Fig. 4 shows the wide-band gain and front-to-back performance of the array from 400 to 460 MHz in 1-MHz increments. The gain peaks in the 431-433-MHz span, exactly around the design frequency. The peak value of 20.26 dBi compares to 19.76 dBi at 420 MHz and 19.69 dBi at 450 MHz. The maximum change of gain across the 70-cm band is 0.57 dB. Gain falls off very slowly beyond the operating limits and still exceeds 17 dBi at 400 MHz.

The 180-degree front-to-back ratio is the easiest parameter to determine automatically in a frequency sweep. Since the lobe structure to the rear changes with frequency, determining a worst-case front-to-back ratio requires a manual investigation at each frequency. Yet, we can obtain a good picture of the worst-case front-to-back ratio simply by connecting dots, specifically the dots at the lowest level of each dip in the 180-degree front-to-back value. Within the operating passband, the lowest front-to-back value exceeds 25 dB. Even at 400 MHz, we still have a front-to-back ratio that exceeds 13 dB.
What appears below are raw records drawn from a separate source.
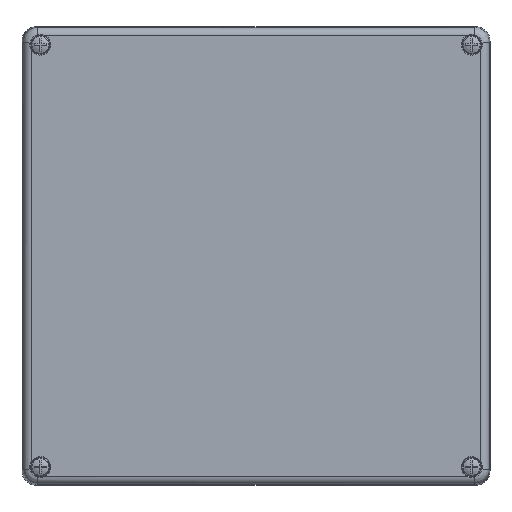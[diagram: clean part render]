
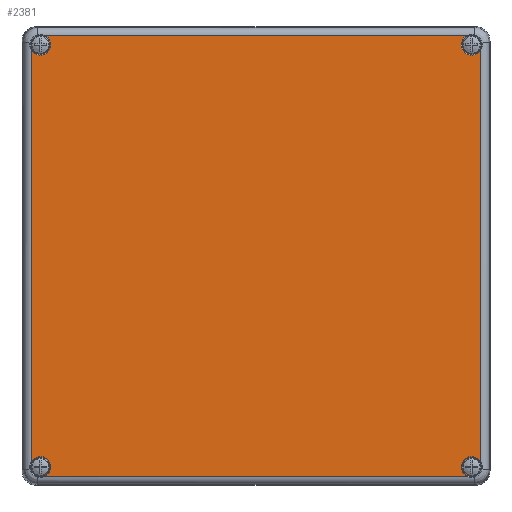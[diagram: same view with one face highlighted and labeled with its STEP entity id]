
A CAD part, top view. The second image highlights one B-rep face of the part: STEP entity #2381.
In plain terms, the highlighted planar face has unit normal (0, 0, 1).
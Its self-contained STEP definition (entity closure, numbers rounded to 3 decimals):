
#1319=CIRCLE('',#19783,5.662);
#1320=CIRCLE('',#19784,5.662);
#1321=CIRCLE('',#19785,5.662);
#1322=CIRCLE('',#19786,5.662);
#2381=ADVANCED_FACE('',(#3973),#3018,.F.);
#3018=PLANE('',#19787);
#3973=FACE_OUTER_BOUND('',#5118,.T.);
#5118=EDGE_LOOP('',(#10473,#10474,#10475,#10476,#10477,#10478,#10479,#10480));
#10473=ORIENTED_EDGE('',*,*,#15004,.T.);
#10474=ORIENTED_EDGE('',*,*,#15020,.F.);
#10475=ORIENTED_EDGE('',*,*,#15017,.F.);
#10476=ORIENTED_EDGE('',*,*,#15021,.T.);
#10477=ORIENTED_EDGE('',*,*,#14867,.T.);
#10478=ORIENTED_EDGE('',*,*,#15022,.F.);
#10479=ORIENTED_EDGE('',*,*,#14880,.F.);
#10480=ORIENTED_EDGE('',*,*,#15023,.T.);
#12226=VERTEX_POINT('',#33301);
#12229=VERTEX_POINT('',#33422);
#12302=VERTEX_POINT('',#35002);
#12305=VERTEX_POINT('',#35123);
#12379=VERTEX_POINT('',#36726);
#12380=VERTEX_POINT('',#36805);
#12451=VERTEX_POINT('',#38437);
#12452=VERTEX_POINT('',#38516);
#14867=EDGE_CURVE('',#12302,#12379,#16733,.T.);
#14880=EDGE_CURVE('',#12229,#12380,#16746,.T.);
#15004=EDGE_CURVE('',#12226,#12451,#16799,.T.);
#15017=EDGE_CURVE('',#12305,#12452,#16812,.T.);
#15020=EDGE_CURVE('',#12452,#12451,#1319,.T.);
#15021=EDGE_CURVE('',#12305,#12302,#1320,.T.);
#15022=EDGE_CURVE('',#12380,#12379,#1321,.T.);
#15023=EDGE_CURVE('',#12229,#12226,#1322,.T.);
#16733=LINE('',#37197,#18395);
#16746=LINE('',#37220,#18408);
#16799=LINE('',#38908,#18461);
#16812=LINE('',#38931,#18474);
#18395=VECTOR('',#23881,1.);
#18408=VECTOR('',#23914,1.);
#18461=VECTOR('',#24049,1.);
#18474=VECTOR('',#24082,1.);
#19783=AXIS2_PLACEMENT_3D('',#38938,#24093,#24094);
#19784=AXIS2_PLACEMENT_3D('',#38939,#24095,#24096);
#19785=AXIS2_PLACEMENT_3D('',#38940,#24097,#24098);
#19786=AXIS2_PLACEMENT_3D('',#38941,#24099,#24100);
#19787=AXIS2_PLACEMENT_3D('',#38942,#24101,#24102);
#23881=DIRECTION('',(0.,-1.,0.));
#23914=DIRECTION('',(-1.,0.,0.));
#24049=DIRECTION('',(0.,1.,0.));
#24082=DIRECTION('',(1.,0.,0.));
#24093=DIRECTION('',(0.,0.,1.));
#24094=DIRECTION('',(1.,0.,0.));
#24095=DIRECTION('',(0.,0.,-1.));
#24096=DIRECTION('',(-1.,0.,0.));
#24097=DIRECTION('',(0.,0.,1.));
#24098=DIRECTION('',(-1.,0.,0.));
#24099=DIRECTION('',(0.,0.,-1.));
#24100=DIRECTION('',(1.,0.,0.));
#24101=DIRECTION('',(0.,0.,-1.));
#24102=DIRECTION('',(-1.,0.,0.));
#33301=CARTESIAN_POINT('',(122.462,-112.271,25.));
#33422=CARTESIAN_POINT('',(114.771,-119.962,25.));
#35002=CARTESIAN_POINT('',(-122.462,112.271,25.));
#35123=CARTESIAN_POINT('',(-114.771,119.962,25.));
#36726=CARTESIAN_POINT('',(-122.462,-112.271,25.));
#36805=CARTESIAN_POINT('',(-114.771,-119.962,25.));
#37197=CARTESIAN_POINT('',(-122.462,112.271,25.));
#37220=CARTESIAN_POINT('',(114.771,-119.962,25.));
#38437=CARTESIAN_POINT('',(122.462,112.271,25.));
#38516=CARTESIAN_POINT('',(114.771,119.962,25.));
#38908=CARTESIAN_POINT('',(122.462,-112.271,25.));
#38931=CARTESIAN_POINT('',(-114.771,119.962,25.));
#38938=CARTESIAN_POINT('',(117.5,115.,25.));
#38939=CARTESIAN_POINT('',(-117.5,115.,25.));
#38940=CARTESIAN_POINT('',(-117.5,-115.,25.));
#38941=CARTESIAN_POINT('',(117.5,-115.,25.));
#38942=CARTESIAN_POINT('',(-122.463,119.963,25.));

The wide-band feedpoint data appear in Fig. 5. As with all long-boom Yagis that I have examined in detail, there are as many peaks in the resistance and reactance curves, and as many (largely invisible) dips in the SWR curve, as there are peaks in the 180-degree front-to-back curve across equal sweep ranges. In all wide-band impedance-setting cell designs, the resistance peaks and the inductive reactance peaks are offset, which tends to level the SWR. (The capacitive reactance peaks, of course, show up as visual dips, but they are equally offset.)

The resistive component of the feedpoint impedance begins to drop significantly above 450 MHz. Hence, the SWR curve is only usable to about 455 MHz. At the low end of the sweep range, the SWR is usable all the way down to the lowest swept frequency. Between 420 and 450 MHz, the 50-Ohm SWR value only climbs above the specification limit of 1.25:1 at 2 frequencies: 446 and 447 MHz, but it remains below 1.3:1.

In the present context, Fig. 6 may be the critical sweep. It shows the front-to-sidelobe ratio for the array in both the E-plane and the H-plane. The E-plane ratio remains above 20 dB all the way down to 420 MHz. The H-plane value drops slightly below 20 dB between 422 and 423 MHz, and at the band edge is 19.15 dB. The sidelobe ratios maintain a high ratio above the upper end of the 70-cm band.

The jagged nature of the curves calls for some explanation. If we examine the region from 430 to 432 MHz as an example, we shall encounter what amounts to a limitation in the way a modeling program identifies lobes in a pattern. Fig. 7 presents E-plane patterns for 3 frequencies to show the situation. The graph curves for each plane are nicely parallel so that the explanation also applies to H-plane sidelobe curves.

In the pattern for 431 MHz, the sidelobe line identifies the strongest sidelobe. Modeling programs identify a lobe by detecting the fact that the gain value for a given direction in the pattern is higher than the gain values for both adjacent headings in the pattern. As earlier noted, the front-to-sidelobe ratio is the difference between the maximum forward and the gain at the identified sidelobe.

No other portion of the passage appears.